And on a side note, we know the general plot outline for _Blood Reaver_. But what about _Throne of Lies_ and the short story which is going to feature in _Fear the Alien_, any hints about their plots? The short story in _Fear the Alien_ (_The Core_ is it?) I presume will pit the 10th company against a Xenos foe, I wonder who? The Night Lords seem to have some long standing beef with the Eldar, and given their inclusion in the epilogue in _Soul Hunter_, maybe them?


----------



## polynike (Aug 23, 2008)

Just finished SH yesterday and I was blown away by it. Can't wait for the follow up


----------



## Baron Spikey (Mar 26, 2008)

Didn't the Exalted help 'rescue' a few squads from the other NL warband? Are they still on board, maybe the new characters announced are from that component of the Exalted's warband?


----------



## Lord of the Night (Nov 18, 2009)

Child-of-the-Emperor said:


> And on a side note, we know the general plot outline for _Blood Reaver_. But what about _Throne of Lies_ and the short story which is going to feature in _Fear the Alien_, any hints about their plots? The short story in _Fear the Alien_ (_The Core_ is it?) I presume will pit the 10th company against a Xenos foe, I wonder who? The Night Lords seem to have some long standing beef with the Eldar, and given their inclusion in the epilogue in _Soul Hunter_, maybe them?
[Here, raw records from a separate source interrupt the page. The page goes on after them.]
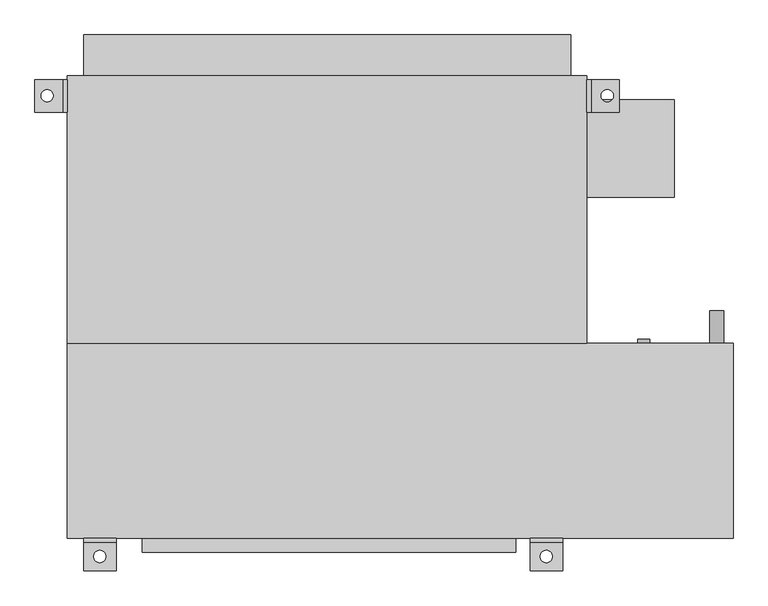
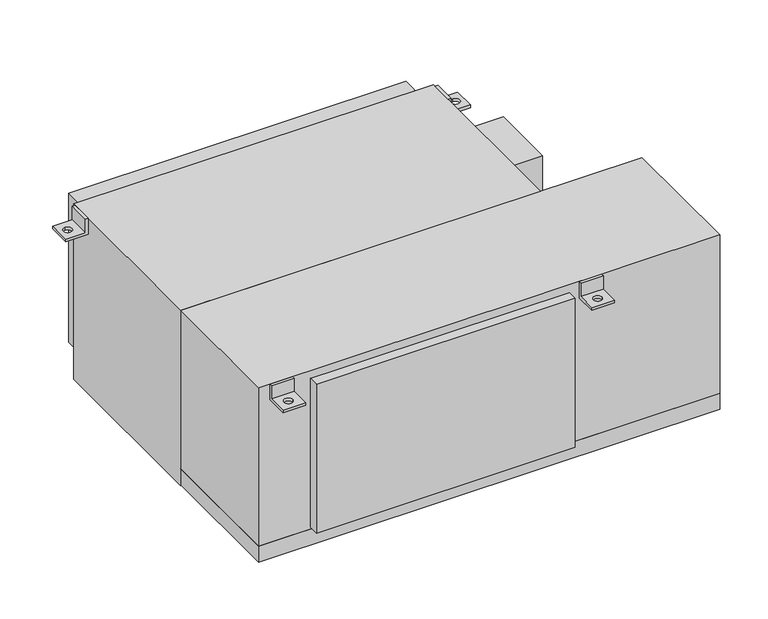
"""IFC4 building model written with IfcOpenShell, lengths in millimetres: proxy geometry, Concealed_High_Capacity_Horizontal_Fan_Coil_Unit_With_Plenum_-_42DCA_-_CARRIER_-_2-Pipe_Cool-EHeat_ValveEnclosure_RH_2022 : Size 10 - 277v/60Hz/1Ph - 6 Row 7.0kW."""

import ifcopenshell
import ifcopenshell.guid

model = None  # the IFC model being written
_history = None  # IfcOwnerHistory: only IFC2X3 demands one
_inside = {}  # id of a spatial element -> (the spatial element, [elements in it])
_under = {}  # id of a project, library or spatial element -> (it, [spatial elements below it])
_declared = {}  # id of a project -> (the project, [libraries it declares])
_typed = {}  # id of a type object -> (the type object, [elements of that type])
_made_of = {}  # id of a material, layer set ... -> (it, [elements and type objects made of it])


def new_model(schema):
    """Start an empty IFC model of exactly this schema.

    Asked for "IFC4X3", IfcOpenShell would pick the latest addendum, in which some entities
    have other attributes; the version numbers below select the first issue.
    IFC2X3 requires an IfcOwnerHistory on every rooted entity: one is made here for all.
    """
    global model, _history
    if schema == "IFC4X3":
        model = ifcopenshell.file(schema_version=(4, 3, 0, 0))
    else:
        model = ifcopenshell.file(schema=schema)
    _inside.clear()
    _under.clear()
    _declared.clear()
    _typed.clear()
    _made_of.clear()
    _history = None
    if model.schema == "IFC2X3":
        org = make("IfcOrganization", Name="unknown")
        user = make(
            "IfcPersonAndOrganization",
            ThePerson=make("IfcPerson", FamilyName="unknown"),
            TheOrganization=org,
        )
        app = make(
            "IfcApplication",
            ApplicationDeveloper=org,
            Version="unknown",
            ApplicationFullName="unknown",
            ApplicationIdentifier="unknown",
        )
        _history = make(
            "IfcOwnerHistory",
            OwningUser=user,
            OwningApplication=app,
            ChangeAction="ADDED",
            CreationDate=0,
        )
    return model


def make(cls, **values):
    """One entity of the class cls with the attributes given. An attribute that is None is left unset."""
    return model.create_entity(
        cls, **{name: value for name, value in values.items() if value is not None}
    )


def rooted(cls, **values):
    """An entity with a GlobalId (a new one), such as an element, a storey or a relation."""
    return make(cls, GlobalId=ifcopenshell.guid.new(), OwnerHistory=_history, **values)


def si_unit(unit_type, name, prefix=None):
    """IfcSIUnit, for example si_unit("LENGTHUNIT", "METRE", prefix="MILLI")."""
    return make("IfcSIUnit", UnitType=unit_type, Prefix=prefix, Name=name)


def assignment(units):
    """IfcUnitAssignment: the units of a project."""
    return None if units is None else make("IfcUnitAssignment", Units=units)


def point(xyz):
    """IfcCartesianPoint."""
    return None if xyz is None else make("IfcCartesianPoint", Coordinates=xyz)


def direction(xyz):
    """IfcDirection."""
    return None if xyz is None else make("IfcDirection", DirectionRatios=xyz)


def frame(location, z_axis=None, x_axis=None):
    """IfcAxis2Placement3D, a coordinate frame: its origin and axes. An axis left out is left unset."""
    return make(
        "IfcAxis2Placement3D",
        Location=point(location),
        Axis=direction(z_axis),
        RefDirection=direction(x_axis),
    )


def frame_2d(location, x_axis=None):
    """IfcAxis2Placement2D, a coordinate frame in the plane: its origin and x axis."""
    return make(
        "IfcAxis2Placement2D", Location=point(location), RefDirection=direction(x_axis)
    )


def origin():
    """The frame at (0, 0, 0) with its axes left unset."""
    return frame((0.0, 0.0, 0.0))


def place(relative_to, where):
    """IfcLocalPlacement: puts the frame where relative to a parent placement (None: the world)."""
    return make(
        "IfcLocalPlacement", PlacementRelTo=relative_to, RelativePlacement=where
    )


def context(
    kind, dimensions, precision=None, world=None, true_north=None, identifier=None
):
    """IfcGeometricRepresentationContext, for example the 3D "Model" context."""
    return make(
        "IfcGeometricRepresentationContext",
        ContextIdentifier=identifier,
        ContextType=kind,
        CoordinateSpaceDimension=dimensions,
        Precision=precision,
        WorldCoordinateSystem=world,
        TrueNorth=true_north,
    )


def project(units=None, contexts=None):
    """IfcProject with its units and contexts."""
    return rooted(
        "IfcProject",
        Name="project",
        RepresentationContexts=contexts,
        UnitsInContext=assignment(units),
    )


def spatial(cls, under=None, at=None, **own):
    """A site, building, storey or space (cls), placed at a placement, below another one or the project."""
    s = rooted(cls, ObjectPlacement=at, **own)
    if under is not None:
        _under.setdefault(under.id(), (under, []))[1].append(s)
    return s


def polyline(points):
    """IfcPolyline through the points."""
    return make("IfcPolyline", Points=[point(p) for p in points])


def circle_curve(where, radius):
    """IfcCircle in the frame where."""
    return make("IfcCircle", Position=where, Radius=radius)


def trimmed(basis, trim1, trim2, sense, master):
    """IfcTrimmedCurve: the piece of a basis curve between two trims."""
    return make(
        "IfcTrimmedCurve",
        BasisCurve=basis,
        Trim1=trim1,
        Trim2=trim2,
        SenseAgreement=sense,
        MasterRepresentation=master,
    )


def segment(curve, same_sense, transition):
    """IfcCompositeCurveSegment."""
    return make(
        "IfcCompositeCurveSegment",
        Transition=transition,
        SameSense=same_sense,
        ParentCurve=curve,
    )


def composite_curve(segments, self_intersect=None):
    """IfcCompositeCurve: segments joined end to end."""
    return make("IfcCompositeCurve", Segments=segments, SelfIntersect=self_intersect)


def outline(outer, holes=None, kind="AREA"):
    """IfcArbitraryClosedProfileDef: a profile drawn as a closed curve; with holes, ...WithVoids."""
    if holes is None:
        return make("IfcArbitraryClosedProfileDef", ProfileType=kind, OuterCurve=outer)
    return make(
        "IfcArbitraryProfileDefWithVoids",
        ProfileType=kind,
        OuterCurve=outer,
        InnerCurves=holes,
    )


def extrude(swept, where, along, depth):
    """IfcExtrudedAreaSolid: the profile swept, set in the frame where, extruded along a direction by depth."""
    return make(
        "IfcExtrudedAreaSolid",
        SweptArea=swept,
        Position=where,
        ExtrudedDirection=direction(along),
        Depth=depth,
    )


def shape(context_of_items, identifier, shape_type, items):
    """IfcShapeRepresentation: the items that make up one representation, for example the "Body"."""
    return make(
        "IfcShapeRepresentation",
        ContextOfItems=context_of_items,
        RepresentationIdentifier=identifier,
        RepresentationType=shape_type,
        Items=items,
    )


def source(mapping_origin, context_of_items, identifier, shape_type, items):
    """IfcRepresentationMap: a shape defined once, which mapped items show again and again."""
    return make(
        "IfcRepresentationMap",
        MappingOrigin=mapping_origin,
        MappedRepresentation=shape(context_of_items, identifier, shape_type, items),
    )


def transform(
    local_origin,
    x_axis=None,
    y_axis=None,
    z_axis=None,
    scale=None,
    scale2=None,
    scale3=None,
    uniform=True,
):
    """IfcCartesianTransformationOperator3D, or its non-uniform kind. x_axis, y_axis, z_axis: its Axis1, 2, 3."""
    if uniform:
        return make(
            "IfcCartesianTransformationOperator3D",
            Axis1=direction(x_axis),
            Axis2=direction(y_axis),
            LocalOrigin=point(local_origin),
            Scale=scale,
            Axis3=direction(z_axis),
        )
    return make(
        "IfcCartesianTransformationOperator3DnonUniform",
        Axis1=direction(x_axis),
        Axis2=direction(y_axis),
        LocalOrigin=point(local_origin),
        Scale=scale,
        Axis3=direction(z_axis),
        Scale2=scale2,
        Scale3=scale3,
    )


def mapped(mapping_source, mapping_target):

We do know that _Throne of Lies_ is set one month after the events of _Soul Hunter_, so we can gain a sense of how the 10th Company has been affected since Crythe. But _The Core_ is set two months after _Blood Reaver_, so it will feature some teasers to how the sequel will play out, and whatever characters dont appear I think we can assume will have died at Vilamus.



Baron Spikey said:


> Didn't the Exalted help 'rescue' a few squads from the other NL warband? Are they still on board, maybe the new characters announced are from that component of the Exalted's warband?


I would guess that they met up with Captain Halasker and the 3rd Company in the Warp to deliver their stragglers back, stealing marines would not look good at all. And I doubt the stolen Night Lords would take it lying down.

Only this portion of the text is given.